# Dang....



## Thomas (Nov 1, 2006)

I ask the Mrs. pickup 2 oil filters from Sears for the rider... she did,but each filter was $18.99  I call Sears and they said "thats the correct price" 

Wasn't there talk Sears might be down sizing or going out of business.


----------



## Bill Kapaun (May 8, 2007)

Why would you go to Sears to buy an oil filter provided by the lowest bidder?


----------



## pogobill (Jan 31, 2012)

Yikes! Well Thomas, I picked up an oil filter for my bike the other day and it was $11.49..... Doesn't come with an "O" ring, that's separate. Had to pay another $11.00 for the "O" ring!?! Unreal.


----------



## Thomas (Nov 1, 2006)

Bill Kapaun said:


> Why would you go to Sears to buy an oil filter provided by the lowest bidder?

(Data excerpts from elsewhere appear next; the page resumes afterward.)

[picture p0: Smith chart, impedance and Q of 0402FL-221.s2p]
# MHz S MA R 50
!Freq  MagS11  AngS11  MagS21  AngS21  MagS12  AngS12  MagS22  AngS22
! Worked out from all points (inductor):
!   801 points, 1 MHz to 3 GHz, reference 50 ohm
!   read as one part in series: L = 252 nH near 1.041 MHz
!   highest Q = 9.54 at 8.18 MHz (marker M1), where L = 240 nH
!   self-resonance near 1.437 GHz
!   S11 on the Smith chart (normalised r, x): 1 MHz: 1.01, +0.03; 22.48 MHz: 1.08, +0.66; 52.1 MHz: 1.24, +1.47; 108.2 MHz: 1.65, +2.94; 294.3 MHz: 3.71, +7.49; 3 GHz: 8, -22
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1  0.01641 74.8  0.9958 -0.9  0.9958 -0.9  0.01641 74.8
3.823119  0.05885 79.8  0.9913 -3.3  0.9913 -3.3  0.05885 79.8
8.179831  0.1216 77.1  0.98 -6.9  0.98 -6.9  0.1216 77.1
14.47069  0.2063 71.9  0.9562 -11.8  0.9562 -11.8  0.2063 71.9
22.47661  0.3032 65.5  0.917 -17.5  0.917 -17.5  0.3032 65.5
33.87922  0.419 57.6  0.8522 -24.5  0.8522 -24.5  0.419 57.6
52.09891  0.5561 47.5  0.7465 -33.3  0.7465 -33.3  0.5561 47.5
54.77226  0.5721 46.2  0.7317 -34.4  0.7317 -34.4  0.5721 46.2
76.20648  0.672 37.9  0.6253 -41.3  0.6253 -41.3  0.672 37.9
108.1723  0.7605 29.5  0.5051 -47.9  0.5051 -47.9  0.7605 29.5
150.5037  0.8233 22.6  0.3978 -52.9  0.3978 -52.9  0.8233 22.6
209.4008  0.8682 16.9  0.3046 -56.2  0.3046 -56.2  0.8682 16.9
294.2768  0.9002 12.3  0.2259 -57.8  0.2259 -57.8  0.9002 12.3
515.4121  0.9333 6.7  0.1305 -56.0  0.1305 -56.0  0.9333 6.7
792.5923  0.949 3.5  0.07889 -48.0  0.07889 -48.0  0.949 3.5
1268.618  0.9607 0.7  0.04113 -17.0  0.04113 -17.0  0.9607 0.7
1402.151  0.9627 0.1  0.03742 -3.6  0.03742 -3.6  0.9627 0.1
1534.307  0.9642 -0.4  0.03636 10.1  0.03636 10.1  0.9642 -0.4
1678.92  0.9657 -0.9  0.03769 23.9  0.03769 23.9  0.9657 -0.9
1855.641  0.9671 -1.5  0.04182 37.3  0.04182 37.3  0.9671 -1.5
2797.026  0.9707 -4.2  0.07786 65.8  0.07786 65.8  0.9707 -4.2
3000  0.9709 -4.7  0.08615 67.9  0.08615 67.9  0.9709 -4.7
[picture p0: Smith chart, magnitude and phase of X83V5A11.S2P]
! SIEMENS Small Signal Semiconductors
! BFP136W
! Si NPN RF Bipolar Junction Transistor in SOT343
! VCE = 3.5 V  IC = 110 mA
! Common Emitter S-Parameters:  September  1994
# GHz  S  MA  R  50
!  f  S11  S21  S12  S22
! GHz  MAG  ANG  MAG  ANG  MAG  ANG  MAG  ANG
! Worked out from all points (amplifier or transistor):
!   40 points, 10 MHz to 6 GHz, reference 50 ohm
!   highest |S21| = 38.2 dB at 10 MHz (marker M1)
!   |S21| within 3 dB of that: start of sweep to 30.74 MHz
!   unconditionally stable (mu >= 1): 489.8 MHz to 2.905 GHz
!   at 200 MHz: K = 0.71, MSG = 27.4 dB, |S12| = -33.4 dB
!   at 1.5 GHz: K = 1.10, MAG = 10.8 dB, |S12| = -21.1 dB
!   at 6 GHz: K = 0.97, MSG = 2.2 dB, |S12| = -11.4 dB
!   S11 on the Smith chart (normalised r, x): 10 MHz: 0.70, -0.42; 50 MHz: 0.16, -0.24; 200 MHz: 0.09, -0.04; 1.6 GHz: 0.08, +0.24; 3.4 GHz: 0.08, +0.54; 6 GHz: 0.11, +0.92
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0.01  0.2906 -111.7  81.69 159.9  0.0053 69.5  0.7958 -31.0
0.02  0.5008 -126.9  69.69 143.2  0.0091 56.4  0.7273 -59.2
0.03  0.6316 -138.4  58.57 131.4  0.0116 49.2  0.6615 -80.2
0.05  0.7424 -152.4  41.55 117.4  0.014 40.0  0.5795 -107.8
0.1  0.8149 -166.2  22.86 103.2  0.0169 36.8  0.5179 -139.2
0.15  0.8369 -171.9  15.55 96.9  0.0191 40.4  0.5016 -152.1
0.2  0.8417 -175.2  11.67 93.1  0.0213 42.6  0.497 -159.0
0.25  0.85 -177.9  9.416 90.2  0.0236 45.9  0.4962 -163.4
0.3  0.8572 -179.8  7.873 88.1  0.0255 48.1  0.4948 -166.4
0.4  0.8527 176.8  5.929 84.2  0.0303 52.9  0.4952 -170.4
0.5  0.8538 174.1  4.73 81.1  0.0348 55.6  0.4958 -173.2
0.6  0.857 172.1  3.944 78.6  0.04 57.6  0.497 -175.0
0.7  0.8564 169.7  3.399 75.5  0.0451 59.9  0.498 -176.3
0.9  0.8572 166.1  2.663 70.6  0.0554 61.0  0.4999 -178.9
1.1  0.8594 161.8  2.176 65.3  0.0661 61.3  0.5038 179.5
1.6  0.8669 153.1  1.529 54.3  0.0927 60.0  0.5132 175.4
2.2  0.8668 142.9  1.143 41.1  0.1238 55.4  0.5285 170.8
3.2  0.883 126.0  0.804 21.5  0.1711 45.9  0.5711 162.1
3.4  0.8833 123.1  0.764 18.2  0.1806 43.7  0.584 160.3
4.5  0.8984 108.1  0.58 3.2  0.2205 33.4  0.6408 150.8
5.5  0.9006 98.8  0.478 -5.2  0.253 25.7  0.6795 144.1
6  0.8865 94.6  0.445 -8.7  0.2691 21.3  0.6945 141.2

I was in hurry and parts # on side of filter Sears 9 miles from us. :dazed:


----------



## Thomas (Nov 1, 2006)

pogobill said:


> Yikes! Well Thomas, I picked up an oil filter for my bike the other day and it was $11.49..... Doesn't come with an "O" ring, that's separate. Had to pay another $11.00 for the "O" ring!?! Unreal.


Now to me thats rip off,kinda like going to car wash than paying extra for soap.
Bought Harley battery last year $152.oo almost stain my underwear


----------